----- Original Message -----
From: Mark van Gulik <ghoul6@...>
To: <concatenative@egroups.com>
Sent: Sunday, June 04, 2000 2:32 PM
Subject: [stack] Re: Joy in Avail

> "stevan apter" <apter@...> wrote:
> > Subject: Re: Joy in Avail
> >
> >> I believe the K implementation Stevan Apter <apter@...> submitted
> >> earlier is more concise and much more comprehensive (neither feature was a
> >> goal for me at this time). On the other hand, it required the Joy
> >> expressions to be quoted (via 'I"'). I may have misunderstood the K code,
> >> but it seemed that some Joy operations were defined via 'I"' quoted Joy
> >> expresions, but others were defined via K code directly. I didn't see any
> >> mixtures, and I don't understand the implementation well enough to hazard a
> >> guess whether it would be possble to mix the Joy and K code in a definition.
>
> Thank you for that beautifully detailed description of your Joy interpreter
> in K.

my pleasure.

>
> > X and Y are two ways to recursively evaluate the stack. remember that
> > in my implementation, the stack is a list s. ()E/s takes any stack and
> > reduces it to a single evaluated item. ()E\s takes an stack, reduces
> > it, and returns a list each of whose items is the stack reduction up
> > to that point. X and Y are designed to be used directly, in k (see
> > below).
> ...
> > E:{:[~4=4:y;(,y),x;7=4:v:. y;v x;6=4:v;(,$y),x;x _f/v]}
> > X:()E/
> > Y:()E\
>
> So your X function takes a stack and a program... (?).

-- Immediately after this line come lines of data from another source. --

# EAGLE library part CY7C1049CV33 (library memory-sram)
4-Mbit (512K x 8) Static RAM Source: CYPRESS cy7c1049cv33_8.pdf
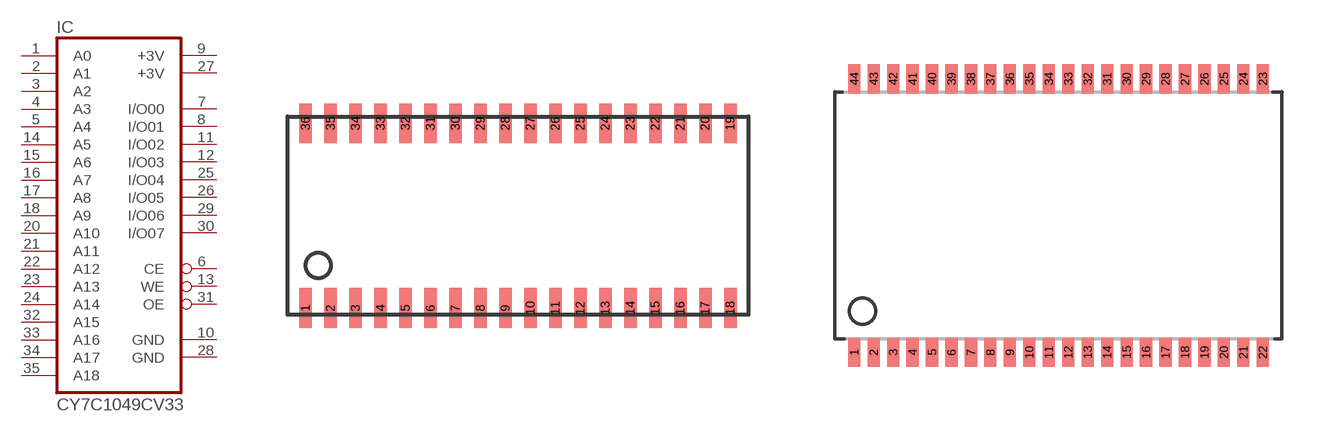
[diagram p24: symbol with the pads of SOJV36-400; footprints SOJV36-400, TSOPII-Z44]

Designator prefix IC

## CY7C1049CV33  [SOJV36-400]
1  A0  in
2  A1  in
3  A2  in
4  A3  in
5  A4  in
6  CE  in
7  I/O00
8  I/O01
9  +3V  pwr
10  GND  pwr
11  I/O02
12  I/O03
13  WE  in
14  A5  in
15  A6  in
16  A7  in
17  A8  in
18  A9  in
20  A10  in
21  A11  in
22  A12  in
23  A13  in
24  A14  in
25  I/O04
26  I/O05
27  +3V  pwr
28  GND  pwr
29  I/O06
30  I/O07
31  OE  in
32  A15  in
33  A16  in
34  A17  in
35  A18  in

## CY7C1049CV33T  [TSOPII-Z44]
3  A0  in
4  A1  in
5  A2  in
6  A3  in
7  A4  in
8  CE  in
9  I/O00
10  I/O01
11  +3V  pwr
12  GND  pwr
13  I/O02
14  I/O03
15  WE  in
16  A5  in
17  A6  in
18  A7  in
19  A8  in
20  A9  in
26  A10  in
27  A11  in
28  A12  in
29  A13  in
30  A14  in
31  I/O04
32  I/O05
33  +3V  pwr
34  GND  pwr
35  I/O06
36  I/O07
37  OE  in
38  A15  in
39  A16  in
40  A17  in
41  A18  in

## Footprint SOJV36-400 (pad centres in mm)
36-Lead (400-Mil) Molded SOJ V36 Source: CYPRESS cy7c1049cv33_8.pdf
smd 0.635 x 2.032: 1 -10.795,-4.699; 2 -9.525,-4.699; 3 -8.255,-4.699; 4 -6.985,-4.699; 5 -5.715,-4.699; 6 -4.445,-4.699; 7 -3.175,-4.699; 8 -1.905,-4.699; 9 -0.635,-4.699; 10 0.635,-4.699; 11 1.905,-4.699; 12 3.175,-4.699; 13 4.445,-4.699; 14 5.715,-4.699; 15 6.985,-4.699; 16 8.255,-4.699; 17 9.525,-4.699; 18 10.795,-4.699; 19 10.795,4.699; 20 9.525,4.699; 21 8.255,4.699; 22 6.985,4.699; 23 5.715,4.699; 24 4.445,4.699; 25 3.175,4.699; 26 1.905,4.699; 27 0.635,4.699; 28 -0.635,4.699; 29 -1.905,4.699; 30 -3.175,4.699; 31 -4.445,4.699; 32 -5.715,4.699; 33 -6.985,4.699; 34 -8.255,4.699; 35 -9.525,4.699; 36 -10.795,4.699

## Footprint TSOPII-Z44 (pad centres in mm)
44 PIN TSOP II Z44 Source: CYPRESS cy7c1049cv33_8.pdf
smd 0.5 x 1.2: 1 -8.4,-5.627; 2 -7.6,-5.627; 3 -6.8,-5.627; 4 -6,-5.627; 5 -5.2,-5.627; 6 -4.4,-5.627; 7 -3.6,-5.627; 8 -2.8,-5.627; 9 -2,-5.627; 10 -1.2,-5.627; 11 -0.4,-5.627; 12 0.4,-5.627; 13 1.2,-5.627; 14 2,-5.627; 15 2.8,-5.627; 16 3.6,-5.627; 17 4.4,-5.627; 18 5.2,-5.627; 19 6,-5.627; 20 6.8,-5.627; 21 7.6,-5.627; 22 8.4,-5.627; 23 8.4,5.627; 24 7.6,5.627; 25 6.8,5.627; 26 6,5.627; 27 5.2,5.627; 28 4.4,5.627; 29 3.6,5.627; 30 2.8,5.627; 31 2,5.627; 32 1.2,5.627; 33 0.4,5.627; 34 -0.4,5.627; 35 -1.2,5.627; 36 -2,5.627; 37 -2.8,5.627; 38 -3.6,5.627; 39 -4.4,5.627; 40 -5.2,5.627; 41 -6,5.627; 42 -6.8,5.627; 43 -7.6,5.627; 44 -8.4,5.627

a stack and a *list* of programs. see below.

Hm, I'm lost on this
> one. I realize the Joy interpreter E is kind of 'invoked' via X or Y, but
> where does the Joy program go? Oh wait, that was extracted as a side-effect
> from the input stream, right? So X returns the result of running the next
> "line" of code on the given stack, but Y returns a list of states the stack
> passes through during evaluation. I assume Y is for debugging?

/ and \ are fundamental k iterators. consider

6+/2 5 7
20
6+\2 5 7
6 8 13 20

(these can also be written: +/[6;2 5 7] and +\[6;2 5 7])

/ (over) is an adverb which takes a verb, in this case, the two-place (or
transitive) verb +, and returns a two-place verb f[x;y] which has the following
semantics:

start by setting r to x = 6
apply f to r and y[0], return r = 8
apply f to r and y[1], return r = 13
apply f to r and y[2], return r = 20

in other words, apply f to r and y[i] for i = 0 to -1+length of y. the case
for verbs and functions of more than two arguments is straightforward:

r:f/[x;y1;...;yn] and r:f\[x;y1;...;yn] for f of n+1 args

the case for verbs and functions of one argument is related, but technically
overloaded:

r:f/x keeps applying f to its result r until r=x or r=the previous r

as you can see, \ (scan) has the same syntax, but the derived verb returns
a list of the r's.

E is a two place function - its first argument is the stack, and its second
argument is something to evaluate. so x E/y computes the state of the stack
x after E has successively evaluated items in y, and x E\y returns a list of
all the intermediate stack-states. to evaluate *one* thing: E[x;y i].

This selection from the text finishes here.